◆ **How to complete this task**
Write the entries out again exactly as they stand, but without the pictures.

◆ **Extracted data**
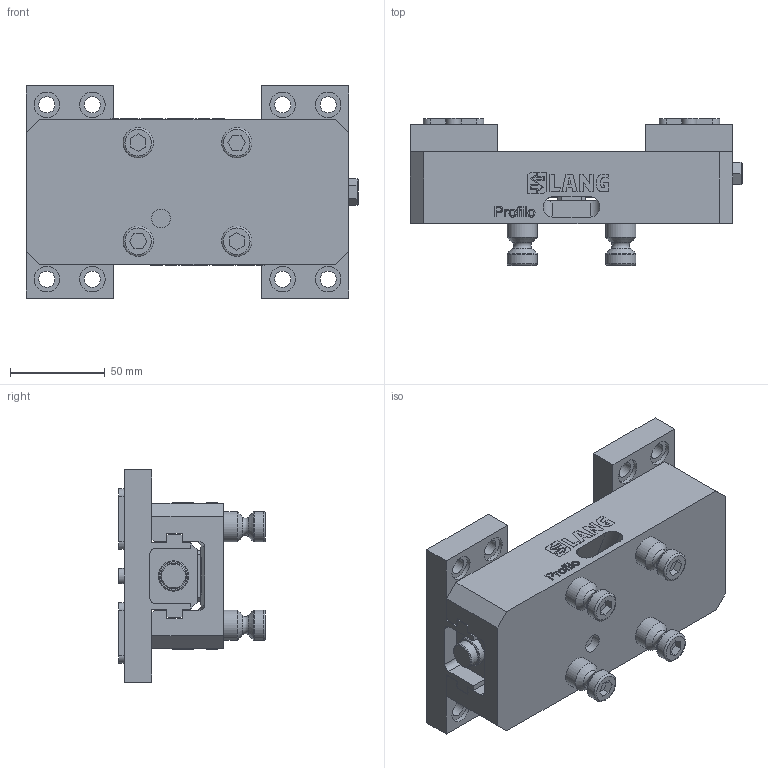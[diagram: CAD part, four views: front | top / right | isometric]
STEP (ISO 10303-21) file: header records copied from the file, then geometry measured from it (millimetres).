
FILE_DESCRIPTION (( 'STEP AP214' ), '1' );
FILE_NAME ('49080-77.STEP', '2020-03-13T14:11:56', ( '' ), ( '' ), 'SwSTEP 2.0', 'SolidWorks 2019', '' );
FILE_SCHEMA (( 'AUTOMOTIVE_DESIGN' ));
Length unit declared in the file: millimetre
Products named in the file (3): 49077; 49080-77; Profilo_49080-77
Assembly tree (3 placements, depth 2):
  49080-77
    Profilo_49080-77
    49077  x2
Bounding box: 175.24 x 77.5 x 112 mm (x, y, z)
Volume: 547510 mm3; surface area: 125182.4 mm2
Topology: 40 solids, 40 shells, 752 faces, 1864 edges, 1223 vertices
Faces by surface type: plane 537, bspline 102, cylinder 82, cone 19, torus 12
Full cylindrical faces by diameter (mm): 6.8 x4, 8.5 x8, 10 x1, 12 x8, 13.5 x9, 16 x12
Entity records: 30947 total; most frequent: CARTESIAN_POINT 7664, ORIENTED_EDGE 3238, DIRECTION 2680, EDGE_CURVE 1619, LINE 1262, VECTOR 1262, VERTEX_POINT 1101, EDGE_LOOP 802
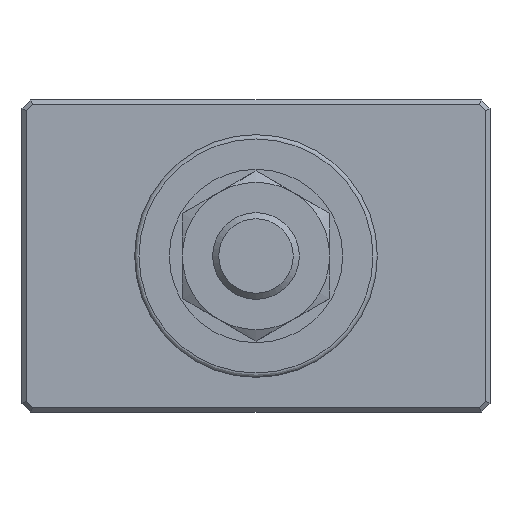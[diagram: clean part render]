
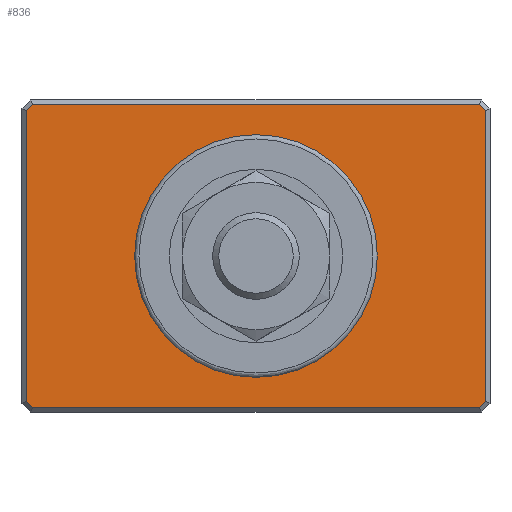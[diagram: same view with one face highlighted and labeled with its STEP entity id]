
A CAD part, front view. The second image highlights one B-rep face of the part: STEP entity #836.
In plain terms, the highlighted planar face has unit normal (0, -1, 0).
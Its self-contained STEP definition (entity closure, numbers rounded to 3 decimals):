
#525=CARTESIAN_POINT('',(26.5,-17.,16.793));
#526=VERTEX_POINT('',#525);
#533=CARTESIAN_POINT('',(26.5,-17.,-16.793));
#534=VERTEX_POINT('',#533);
#535=CARTESIAN_POINT('',(26.5,-17.,16.793));
#536=DIRECTION('',(0.0,0.0,-1.0));
#537=VECTOR('',#536,33.586);
#538=LINE('',#535,#537);
#539=EDGE_CURVE('',#526,#534,#538,.T.);
#555=CARTESIAN_POINT('',(25.793,-17.,17.5));
#556=VERTEX_POINT('',#555);
#557=CARTESIAN_POINT('',(25.793,-17.,17.5));
#558=DIRECTION('',(0.707,0.0,-0.707));
#559=VECTOR('',#558,1.);
#560=LINE('',#557,#559);
#561=EDGE_CURVE('',#556,#526,#560,.T.);
#579=CARTESIAN_POINT('',(-25.793,-17.,17.5));
#580=VERTEX_POINT('',#579);
#581=CARTESIAN_POINT('',(-25.793,-17.,17.5));
#582=DIRECTION('',(1.0,0.0,0.0));
#583=VECTOR('',#582,51.586);
#584=LINE('',#581,#583);
#585=EDGE_CURVE('',#580,#556,#584,.T.);
#603=CARTESIAN_POINT('',(-25.793,-17.,-17.5));
#604=VERTEX_POINT('',#603);
#605=CARTESIAN_POINT('',(-26.5,-17.,-16.793));
#606=VERTEX_POINT('',#605);
#607=CARTESIAN_POINT('',(-25.793,-17.,-17.5));
#608=DIRECTION('',(-0.707,0.0,0.707));
#609=VECTOR('',#608,1.);
#610=LINE('',#607,#609);
#611=EDGE_CURVE('',#604,#606,#610,.T.);
#650=CARTESIAN_POINT('',(-26.5,-17.,16.793));
#651=VERTEX_POINT('',#650);
#652=CARTESIAN_POINT('',(-26.5,-17.,-16.793));
#653=DIRECTION('',(0.0,0.0,1.0));
#654=VECTOR('',#653,33.586);
#655=LINE('',#652,#654);
#656=EDGE_CURVE('',#606,#651,#655,.T.);
#672=CARTESIAN_POINT('',(-26.5,-17.,16.793));
#673=DIRECTION('',(0.707,0.0,0.707));
#674=VECTOR('',#673,1.);
#675=LINE('',#672,#674);
#676=EDGE_CURVE('',#651,#580,#675,.T.);
#689=CARTESIAN_POINT('',(25.793,-17.,-17.5));
#690=VERTEX_POINT('',#689);
#691=CARTESIAN_POINT('',(25.793,-17.,-17.5));
#692=DIRECTION('',(-1.0,0.0,0.0));
#693=VECTOR('',#692,51.586);
#694=LINE('',#691,#693);
#695=EDGE_CURVE('',#690,#604,#694,.T.);
#720=CARTESIAN_POINT('',(26.5,-17.,-16.793));
#721=DIRECTION('',(-0.707,0.0,-0.707));
#722=VECTOR('',#721,1.);
#723=LINE('',#720,#722);
#724=EDGE_CURVE('',#534,#690,#723,.T.);
#810=CARTESIAN_POINT('',(0.0,-17.,-18.));
#811=DIRECTION('',(0.0,-1.0,0.0));
#812=DIRECTION('',(0.0,0.0,-1.0));
#813=AXIS2_PLACEMENT_3D('',#810,#811,#812);
#814=PLANE('',#813);
#815=ORIENTED_EDGE('',*,*,#611,.F.);
#816=ORIENTED_EDGE('',*,*,#695,.F.);
#817=ORIENTED_EDGE('',*,*,#724,.F.);
#818=ORIENTED_EDGE('',*,*,#539,.F.);
#819=ORIENTED_EDGE('',*,*,#561,.F.);
#820=ORIENTED_EDGE('',*,*,#585,.F.);
#821=ORIENTED_EDGE('',*,*,#676,.F.);
#822=ORIENTED_EDGE('',*,*,#656,.F.);
#823=EDGE_LOOP('',(#815,#816,#817,#818,#819,#820,#821,#822));
#824=FACE_OUTER_BOUND('',#823,.T.);
#825=CARTESIAN_POINT('',(0.0,-17.,14.));
#826=VERTEX_POINT('',#825);
#827=CARTESIAN_POINT('',(0.0,-17.,0.0));
#828=DIRECTION('',(0.0,1.0,0.0));
#829=DIRECTION('',(0.0,0.0,1.0));
#830=AXIS2_PLACEMENT_3D('',#827,#828,#829);
#831=CIRCLE('',#830,14.);
#832=EDGE_CURVE('',#826,#826,#831,.T.);
#833=ORIENTED_EDGE('',*,*,#832,.T.);
#834=EDGE_LOOP('',(#833));
#835=FACE_BOUND('',#834,.T.);
#836=ADVANCED_FACE('',(#824,#835),#814,.T.);

◆ **Task solution**
[diagram: CAD part, four views: front | top / right | isometric]
STEP (ISO 10303-21) file: header records copied from the file, then geometry measured from it (millimetres).
FILE_DESCRIPTION (( 'STEP AP214' ), '1' );
FILE_NAME ('49080-77.STEP', '2020-03-13T14:11:56', ( '' ), ( '' ), 'SwSTEP 2.0', 'SolidWorks 2019', '' );
FILE_SCHEMA (( 'AUTOMOTIVE_DESIGN' ));
Length unit declared in the file: millimetre
Products named in the file (3): 49077; 49080-77; Profilo_49080-77
Assembly tree (3 placements, depth 2):
  49080-77
    Profilo_49080-77
    49077  x2
Bounding box: 175.24 x 77.5 x 112 mm (x, y, z)
Volume: 547510 mm3; surface area: 125182.4 mm2
Topology: 40 solids, 40 shells, 752 faces, 1864 edges, 1223 vertices
Faces by surface type: plane 537, bspline 102, cylinder 82, cone 19, torus 12
Full cylindrical faces by diameter (mm): 6.8 x4, 8.5 x8, 10 x1, 12 x8, 13.5 x9, 16 x12
Entity records: 30947 total; most frequent: CARTESIAN_POINT 7664, ORIENTED_EDGE 3238, DIRECTION 2680, EDGE_CURVE 1619, LINE 1262, VECTOR 1262, VERTEX_POINT 1101, EDGE_LOOP 802
[diagram: clean part render]
[diagram: same view with one face highlighted and labeled with its STEP entity id]
A CAD part, front view. The second image highlights one B-rep face of the part: STEP entity #836.
In plain terms, the highlighted planar face has unit normal (0, -1, 0).
Its self-contained STEP definition (entity closure, numbers rounded to 3 decimals):
#525=CARTESIAN_POINT('',(26.5,-17.,16.793));
#526=VERTEX_POINT('',#525);
#533=CARTESIAN_POINT('',(26.5,-17.,-16.793));
#534=VERTEX_POINT('',#533);
#535=CARTESIAN_POINT('',(26.5,-17.,16.793));
#536=DIRECTION('',(0.0,0.0,-1.0));
#537=VECTOR('',#536,33.586);
#538=LINE('',#535,#537);
#539=EDGE_CURVE('',#526,#534,#538,.T.);
#555=CARTESIAN_POINT('',(25.793,-17.,17.5));
#556=VERTEX_POINT('',#555);
#557=CARTESIAN_POINT('',(25.793,-17.,17.5));
#558=DIRECTION('',(0.707,0.0,-0.707));
#559=VECTOR('',#558,1.);
#560=LINE('',#557,#559);
#561=EDGE_CURVE('',#556,#526,#560,.T.);
#579=CARTESIAN_POINT('',(-25.793,-17.,17.5));
#580=VERTEX_POINT('',#579);
#581=CARTESIAN_POINT('',(-25.793,-17.,17.5));
#582=DIRECTION('',(1.0,0.0,0.0));
#583=VECTOR('',#582,51.586);
#584=LINE('',#581,#583);
#585=EDGE_CURVE('',#580,#556,#584,.T.);
#603=CARTESIAN_POINT('',(-25.793,-17.,-17.5));
#604=VERTEX_POINT('',#603);
#605=CARTESIAN_POINT('',(-26.5,-17.,-16.793));
#606=VERTEX_POINT('',#605);
#607=CARTESIAN_POINT('',(-25.793,-17.,-17.5));
#608=DIRECTION('',(-0.707,0.0,0.707));
#609=VECTOR('',#608,1.);
#610=LINE('',#607,#609);
#611=EDGE_CURVE('',#604,#606,#610,.T.);
#650=CARTESIAN_POINT('',(-26.5,-17.,16.793));
#651=VERTEX_POINT('',#650);
#652=CARTESIAN_POINT('',(-26.5,-17.,-16.793));
#653=DIRECTION('',(0.0,0.0,1.0));
#654=VECTOR('',#653,33.586);
#655=LINE('',#652,#654);
#656=EDGE_CURVE('',#606,#651,#655,.T.);
#672=CARTESIAN_POINT('',(-26.5,-17.,16.793));
#673=DIRECTION('',(0.707,0.0,0.707));
#674=VECTOR('',#673,1.);
#675=LINE('',#672,#674);
#676=EDGE_CURVE('',#651,#580,#675,.T.);
#689=CARTESIAN_POINT('',(25.793,-17.,-17.5));
#690=VERTEX_POINT('',#689);
#691=CARTESIAN_POINT('',(25.793,-17.,-17.5));
#692=DIRECTION('',(-1.0,0.0,0.0));
#693=VECTOR('',#692,51.586);
#694=LINE('',#691,#693);
#695=EDGE_CURVE('',#690,#604,#694,.T.);
#720=CARTESIAN_POINT('',(26.5,-17.,-16.793));
#721=DIRECTION('',(-0.707,0.0,-0.707));
#722=VECTOR('',#721,1.);
#723=LINE('',#720,#722);
#724=EDGE_CURVE('',#534,#690,#723,.T.);
#810=CARTESIAN_POINT('',(0.0,-17.,-18.));
#811=DIRECTION('',(0.0,-1.0,0.0));
#812=DIRECTION('',(0.0,0.0,-1.0));
#813=AXIS2_PLACEMENT_3D('',#810,#811,#812);
#814=PLANE('',#813);
#815=ORIENTED_EDGE('',*,*,#611,.F.);
#816=ORIENTED_EDGE('',*,*,#695,.F.);
#817=ORIENTED_EDGE('',*,*,#724,.F.);
#818=ORIENTED_EDGE('',*,*,#539,.F.);
#819=ORIENTED_EDGE('',*,*,#561,.F.);
#820=ORIENTED_EDGE('',*,*,#585,.F.);
#821=ORIENTED_EDGE('',*,*,#676,.F.);
#822=ORIENTED_EDGE('',*,*,#656,.F.);
#823=EDGE_LOOP('',(#815,#816,#817,#818,#819,#820,#821,#822));
#824=FACE_OUTER_BOUND('',#823,.T.);
#825=CARTESIAN_POINT('',(0.0,-17.,14.));
#826=VERTEX_POINT('',#825);
#827=CARTESIAN_POINT('',(0.0,-17.,0.0));
#828=DIRECTION('',(0.0,1.0,0.0));
#829=DIRECTION('',(0.0,0.0,1.0));
#830=AXIS2_PLACEMENT_3D('',#827,#828,#829);
#831=CIRCLE('',#830,14.);
#832=EDGE_CURVE('',#826,#826,#831,.T.);
#833=ORIENTED_EDGE('',*,*,#832,.T.);
#834=EDGE_LOOP('',(#833));
#835=FACE_BOUND('',#834,.T.);
#836=ADVANCED_FACE('',(#824,#835),#814,.T.);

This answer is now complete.